Stored dataset items

────────────────────────────────────────

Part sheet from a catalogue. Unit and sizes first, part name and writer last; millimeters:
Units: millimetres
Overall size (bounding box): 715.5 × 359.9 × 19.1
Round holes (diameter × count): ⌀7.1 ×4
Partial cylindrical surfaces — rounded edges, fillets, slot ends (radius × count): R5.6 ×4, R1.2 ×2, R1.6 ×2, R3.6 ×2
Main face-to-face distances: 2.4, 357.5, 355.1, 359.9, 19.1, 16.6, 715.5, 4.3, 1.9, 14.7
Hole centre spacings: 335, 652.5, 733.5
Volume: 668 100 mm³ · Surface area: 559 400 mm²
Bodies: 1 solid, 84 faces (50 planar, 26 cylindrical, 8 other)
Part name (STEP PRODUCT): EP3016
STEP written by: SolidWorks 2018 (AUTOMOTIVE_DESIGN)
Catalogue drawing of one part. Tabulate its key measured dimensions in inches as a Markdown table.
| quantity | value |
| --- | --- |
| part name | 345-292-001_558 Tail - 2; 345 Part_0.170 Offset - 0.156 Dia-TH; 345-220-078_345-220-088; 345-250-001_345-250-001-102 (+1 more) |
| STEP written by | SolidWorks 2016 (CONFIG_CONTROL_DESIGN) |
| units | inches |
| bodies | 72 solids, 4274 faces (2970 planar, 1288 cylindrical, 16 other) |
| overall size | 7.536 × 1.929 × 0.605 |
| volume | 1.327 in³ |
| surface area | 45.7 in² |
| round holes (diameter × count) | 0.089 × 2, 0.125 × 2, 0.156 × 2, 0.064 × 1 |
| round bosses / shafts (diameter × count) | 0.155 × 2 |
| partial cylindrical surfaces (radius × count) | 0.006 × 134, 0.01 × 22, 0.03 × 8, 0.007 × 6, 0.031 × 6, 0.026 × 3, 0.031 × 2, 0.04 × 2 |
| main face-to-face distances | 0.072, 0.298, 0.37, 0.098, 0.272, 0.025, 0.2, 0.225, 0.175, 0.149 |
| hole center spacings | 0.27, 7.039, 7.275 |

────────────────────────────────────────

**To do**:
What you return must be the entries, given again word for word.

**Written response**:
Part sheet from a catalogue. Unit and sizes first, part name and writer last; millimeters:
Units: millimetres
Overall size (bounding box): 715.5 × 359.9 × 19.1
Round holes (diameter × count): ⌀7.1 ×4
Partial cylindrical surfaces — rounded edges, fillets, slot ends (radius × count): R5.6 ×4, R1.2 ×2, R1.6 ×2, R3.6 ×2
Main face-to-face distances: 2.4, 357.5, 355.1, 359.9, 19.1, 16.6, 715.5, 4.3, 1.9, 14.7
Hole centre spacings: 335, 652.5, 733.5
Volume: 668 100 mm³ · Surface area: 559 400 mm²
Bodies: 1 solid, 84 faces (50 planar, 26 cylindrical, 8 other)
Part name (STEP PRODUCT): EP3016
STEP written by: SolidWorks 2018 (AUTOMOTIVE_DESIGN)
Catalogue drawing of one part. Tabulate its key measured dimensions in inches as a Markdown table.
| quantity | value |
| --- | --- |
| part name | 345-292-001_558 Tail - 2; 345 Part_0.170 Offset - 0.156 Dia-TH; 345-220-078_345-220-088; 345-250-001_345-250-001-102 (+1 more) |
| STEP written by | SolidWorks 2016 (CONFIG_CONTROL_DESIGN) |
| units | inches |
| bodies | 72 solids, 4274 faces (2970 planar, 1288 cylindrical, 16 other) |
| overall size | 7.536 × 1.929 × 0.605 |
| volume | 1.327 in³ |
| surface area | 45.7 in² |
| round holes (diameter × count) | 0.089 × 2, 0.125 × 2, 0.156 × 2, 0.064 × 1 |
| round bosses / shafts (diameter × count) | 0.155 × 2 |
| partial cylindrical surfaces (radius × count) | 0.006 × 134, 0.01 × 22, 0.03 × 8, 0.007 × 6, 0.031 × 6, 0.026 × 3, 0.031 × 2, 0.04 × 2 |
| main face-to-face distances | 0.072, 0.298, 0.37, 0.098, 0.272, 0.025, 0.2, 0.225, 0.175, 0.149 |
| hole center spacings | 0.27, 7.039, 7.275 |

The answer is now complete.